April 7: Ukrainian authorities say Russia fired a cluster munition into a railway station packed with thousands of evacuees, killing at least 52. The attack takes place in the city of Kramatorsk in the eastern Donetsk region. April 8: The EU bans imports of Russian coal, lumber, cement, seafood and fertilisers. April 10: Russian forces bisect Mariupol. April 14: Ukraine says it has sunk the Russian Black Sea Fleet flagship Moskva with two Neptune missiles. April 18: Russian forces launch a new, large-scale offensive in east Ukraine to take full control of the Luhansk and Donetsk oblasts.

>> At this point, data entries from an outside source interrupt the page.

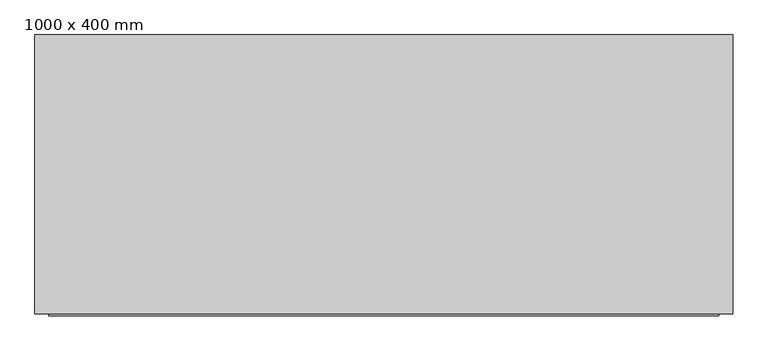
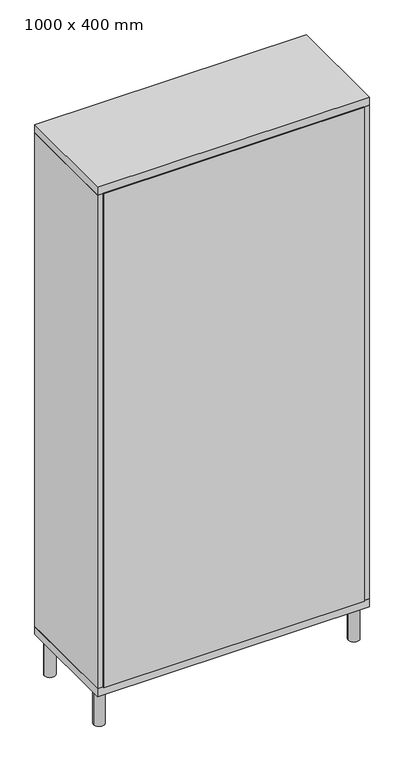
"""IFC4 building model written with IfcOpenShell, lengths in millimetres: furniture geometry, Módulo de estantería : 1000 x 400 mm."""

from ifc_helpers import new_model, si_unit, point, frame, frame_2d, origin, origin_with_axes, place, context, project, spatial, polyline, circle_curve, trimmed, segment, composite_curve, outline, extrude, source, transform, mapped, element, save


def furniture_1000_x_400_mm_ebc092ee(model_context):
    return source(origin(), model_context, "Body", "SweptSolid", [
        extrude(outline(polyline([(480.0, -191.424629), (480.0, -194.424629), (-480.0, -194.424629), (-480.0, -191.424629), (480.0, -191.424629)])), frame((0.0, 0.0, 170.0), z_axis=(0.0, 0.0, 1.0), x_axis=(1.0, 0.0, 0.0)), (0.0, 0.0, 1.0), 1920.0),
        extrude(outline(polyline([(-160.0, 180.0), (-160.0, -186.2762655), (-470.0, -186.2762655), (-470.0, 180.0), (-160.0, 180.0)])), frame((0.0, 0.0, 460.0), z_axis=(0.0, 0.0, 1.0), x_axis=(1.0, 0.0, 0.0)), (0.0, 0.0, 1.0), 10.0),
        extrude(outline(polyline([(160.0, 180.0), (160.0, -186.2762655), (-150.0, -186.2762655), (-150.0, 180.0), (160.0, 180.0)])), frame((0.0, 0.0, 460.0), z_axis=(0.0, 0.0, 1.0), x_axis=(1.0, 0.0, 0.0)), (0.0, 0.0, 1.0), 10.0),
        extrude(outline(polyline([(480.0, 180.0), (480.0, -186.2762655), (170.0, -186.2762655), (170.0, 180.0), (480.0, 180.0)])), frame((0.0, 0.0, 460.0), z_axis=(0.0, 0.0, 1.0), x_axis=(1.0, 0.0, 0.0)), (0.0, 0.0, 1.0), 10.0),
        extrude(outline(polyline([(-160.0, 180.0), (-160.0, -186.2762655), (-470.0, -186.2762655), (-470.0, 180.0), (-160.0, 180.0)])), frame((0.0, 0.0, 780.0), z_axis=(0.0, 0.0, 1.0), x_axis=(1.0, 0.0, 0.0)), (0.0, 0.0, 1.0), 10.0),
        extrude(outline(polyline([(160.0, 180.0), (160.0, -186.2762655), (-150.0, -186.2762655), (-150.0, 180.0), (160.0, 180.0)])), frame((0.0, 0.0, 780.0), z_axis=(0.0, 0.0, 1.0), x_axis=(1.0, 0.0, 0.0)), (0.0, 0.0, 1.0), 10.0),
        extrude(outline(polyline([(480.0, 180.0), (480.0, -186.2762655), (170.0, -186.2762655), (170.0, 180.0), (480.0, 180.0)])), frame((0.0, 0.0, 780.0), z_axis=(0.0, 0.0, 1.0), x_axis=(1.0, 0.0, 0.0)), (0.0, 0.0, 1.0), 10.0),
        extrude(outline(polyline([(-160.0, 180.0), (-160.0, -186.2762655), (-470.0, -186.2762655), (-470.0, 180.0), (-160.0, 180.0)])), frame((0.0, 0.0, 1450.0), z_axis=(0.0, 0.0, 1.0), x_axis=(1.0, 0.0, 0.0)), (0.0, 0.0, 1.0), 10.0),
        extrude(outline(polyline([(160.0, 180.0), (160.0, -186.2762655), (-150.0, -186.2762655), (-150.0, 180.0), (160.0, 180.0)])), frame((0.0, 0.0, 1450.0), z_axis=(0.0, 0.0, 1.0), x_axis=(1.0, 0.0, 0.0)), (0.0, 0.0, 1.0), 10.0),
        extrude(outline(polyline([(480.0, 180.0), (480.0, -186.2762655), (170.0, -186.2762655), (170.0, 180.0), (480.0, 180.0)])), frame((0.0, 0.0, 1450.0), z_axis=(0.0, 0.0, 1.0), x_axis=(1.0, 0.0, 0.0)), (0.0, 0.0, 1.0), 10.0),
        extrude(outline(polyline([(-160.0, 180.0), (-160.0, -186.2762655), (-470.0, -186.2762655), (-470.0, 180.0), (-160.0, 180.0)])), frame((0.0, 0.0, 1770.0), z_axis=(0.0, 0.0, 1.0), x_axis=(1.0, 0.0, 0.0)), (0.0, 0.0, 1.0), 10.0),
        extrude(outline(polyline([(160.0, 180.0), (160.0, -186.2762655), (-150.0, -186.2762655), (-150.0, 180.0), (160.0, 180.0)])), frame((0.0, 0.0, 1770.0), z_axis=(0.0, 0.0, 1.0), x_axis=(1.0, 0.0, 0.0)), (0.0, 0.0, 1.0), 10.0),
        extrude(outline(polyline([(480.0, 180.0), (480.0, -186.2762655), (170.0, -186.2762655), (170.0, 180.0), (480.0, 180.0)])), frame((0.0, 0.0, 1770.0), z_axis=(0.0, 0.0, 1.0), x_axis=(1.0, 0.0, 0.0)), (0.0, 0.0, 1.0), 10.0),
        extrude(outline(polyline([(170.0, 194.2277704), (170.0, -191.424629), (160.0, -191.424629), (160.0, 194.2277704), (170.0, 194.2277704)])), frame((0.0, 0.0, 170.0), z_axis=(0.0, 0.0, 1.0), x_axis=(1.0, 0.0, 0.0)), (0.0, 0.0, 1.0), 940.0),
        extrude(outline(polyline([(-150.0, 194.2277704), (-150.0, -191.424629), (-160.0, -191.424629), (-160.0, 194.2277704), (-150.0, 194.2277704)])), frame((0.0, 0.0, 170.0), z_axis=(0.0, 0.0, 1.0), x_axis=(1.0, 0.0, 0.0)), (0.0, 0.0, 1.0), 940.0),
        extrude(outline(polyline([(170.0, 194.2277704), (170.0, -191.424629), (160.0, -191.424629), (160.0, 194.2277704), (170.0, 194.2277704)])), frame((0.0, 0.0, 1140.0), z_axis=(0.0, 0.0, 1.0), x_axis=(1.0, 0.0, 0.0)), (0.0, 0.0, 1.0), 950.0),
        extrude(outline(polyline([(-150.0, 194.2277704), (-150.0, -191.424629), (-160.0, -191.424629), (-160.0, 194.2277704), (-150.0, 194.2277704)])), frame((0.0, 0.0, 1140.0), z_axis=(0.0, 0.0, 1.0), x_axis=(1.0, 0.0, 0.0)), (0.0, 0.0, 1.0), 950.0),
        extrude(outline(polyline([(480.0, 208.575371), (480.0, -191.424629), (-480.0, -191.424629), (-480.0, 208.575371), (480.0, 208.575371)])), frame((0.0, 0.0, 1110.0), z_axis=(0.0, 0.0, 1.0), x_axis=(1.0, 0.0, 0.0)), (0.0, 0.0, 1.0), 30.0),
        extrude(outline(composite_curve([segment(trimmed(circle_curve(frame_2d((-468.9411196, 166.8185459)), 20.0), [point((-448.9411196, 166.8185459))], [point((-488.9411196, 166.8185459))], False, "CARTESIAN"), True, "CONTINUOUS"), segment(trimmed(circle_curve(frame_2d((-468.9411196, 166.8185459)), 20.0), [point((-488.9411196, 166.8185459))], [point((-448.9411196, 166.8185459))], False, "CARTESIAN"), True, "CONTINUOUS")], self_intersect=False)), origin_with_axes(), (0.0, 0.0, 1.0), 140.0),
        extrude(outline(composite_curve([segment(trimmed(circle_curve(frame_2d((-468.9411196, -146.8185459)), 20.0), [point((-448.9411196, -146.8185459))], [point((-488.9411196, -146.8185459))], False, "CARTESIAN"), True, "CONTINUOUS"), segment(trimmed(circle_curve(frame_2d((-468.9411196, -146.8185459)), 20.0), [point((-488.9411196, -146.8185459))], [point((-448.9411196, -146.8185459))], False, "CARTESIAN"), True, "CONTINUOUS")], self_intersect=False)), origin_with_axes(), (0.0, 0.0, 1.0), 140.0),
        extrude(outline(composite_curve([segment(trimmed(circle_curve(frame_2d((468.9411196, 166.8185459)), 20.0), [point((448.9411196, 166.8185459))], [point((488.9411196, 166.8185459))], False, "CARTESIAN"), True, "CONTINUOUS"), segment(trimmed(circle_curve(frame_2d((468.9411196, 166.8185459)), 20.0), [point((488.9411196, 166.8185459))], [point((448.9411196, 166.8185459))], False, "CARTESIAN"), True, "CONTINUOUS")], self_intersect=False)), origin_with_axes(), (0.0, 0.0, 1.0), 140.0),
        extrude(outline(composite_curve([segment(trimmed(circle_curve(frame_2d((468.9411196, -146.8185459)), 20.0), [point((448.9411196, -146.8185459))], [point((488.9411196, -146.8185459))], False, "CARTESIAN"), True, "CONTINUOUS"), segment(trimmed(circle_curve(frame_2d((468.9411196, -146.8185459)), 20.0), [point((488.9411196, -146.8185459))], [point((448.9411196, -146.8185459))], False, "CARTESIAN"), True, "CONTINUOUS")], self_intersect=False)), origin_with_axes(), (0.0, 0.0, 1.0), 140.0),
        extrude(outline(polyline([(500.0, 208.575371), (500.0, -191.424629), (-500.0, -191.424629), (-500.0, 208.575371), (500.0, 208.575371)])), frame((0.0, 0.0, 2090.0), z_axis=(0.0, 0.0, 1.0), x_axis=(1.0, 0.0, 0.0)), (0.0, 0.0, 1.0), 30.0),
        extrude(outline(polyline([(500.0, 208.575371), (500.0, -191.424629), (-500.0, -191.424629), (-500.0, 208.575371), (500.0, 208.575371)])), frame((0.0, 0.0, 140.0), z_axis=(0.0, 0.0, 1.0), x_axis=(1.0, 0.0, 0.0)), (0.0, 0.0, 1.0), 30.0),
        extrude(outline(polyline([(-480.0, 208.575371), (-480.0, -191.424629), (-500.0, -191.424629), (-500.0, 208.575371), (-480.0, 208.575371)])), frame((0.0, 0.0, 170.0), z_axis=(0.0, 0.0, 1.0), x_axis=(1.0, 0.0, 0.0)), (0.0, 0.0, 1.0), 1920.0),
        extrude(outline(polyline([(500.0, 208.575371), (500.0, -191.424629), (480.0, -191.424629), (480.0, 208.575371), (500.0, 208.575371)])), frame((0.0, 0.0, 170.0), z_axis=(0.0, 0.0, 1.0), x_axis=(1.0, 0.0, 0.0)), (0.0, 0.0, 1.0), 1920.0),
    ])


if __name__ == "__main__":
    model = new_model("IFC4")
    model_context = context("Model", 3, world=origin())
    ifc_project = project(units=[si_unit("LENGTHUNIT", "METRE", prefix="MILLI")], contexts=[model_context])
    site = spatial("IfcSite", under=ifc_project)
    building = spatial("IfcBuilding", under=site)
    placement = place(None, origin())
    furniture_1000_x_400_mm_shape = furniture_1000_x_400_mm_ebc092ee(model_context)
    element("IfcFurniture", 1, ObjectType="Módulo de estantería : 1000 x 400 mm", at=placement, inside=building, context=model_context, shape_type="MappedRepresentation", body=[
        mapped(furniture_1000_x_400_mm_shape, transform((0.0, 0.0, 0.0), x_axis=(1.0, 0.0, 0.0), y_axis=(0.0, 1.0, 0.0), z_axis=(0.0, 0.0, 1.0))),
    ])
    save(model, "model.ifc")

# Revit data of these elements
# Type "Módulo de estantería : 1000 x 400 mm"
#   Máscara [instance default] = yes
#   Material de estructura = none
#   Material base = none
#   Material de estante = none
#   URL = ""
#   Model = ""
#   Default Elevation = 0
#   Description = (empty or 0)
#   Manufacturer = ""
#   Cost = 0
#   Assembly Code = ""
# Element 1 (IfcFurniture, "Módulo de estantería : 1000 x 400 mm")
#   Materials on its faces: "Madera - Listel"
# Materials
#   "Madera - Listel": class "Madera", colour RGB 210 180 110, transparency 0, Cost = 0

Why Luhansk and Donetsk are key to understanding the latest escalation in Ukraine? But along the country’s eastern border with Russia, separatists backed by Moscow took control of two regions in 2014. Violence in eastern Ukraine has killed more than 14,000 people in the years since, according to International Crisis Group research. Russia’s recognition of the two regions’ independence set the stage for moving its troops into Ukraine. Anti-communist protests sweep central and Eastern Europe, starting in Poland and spreading throughout the Soviet bloc. In Ukraine, January 1990 sees more than 400,000 people joining hands in a human chain stretching some 400 miles from the western city of Ivano-Frankivsk to Kyiv, the capital, in the north-central part of Ukraine. Many wave the blue and yellow Ukrainian flag that had been banned under Soviet rule.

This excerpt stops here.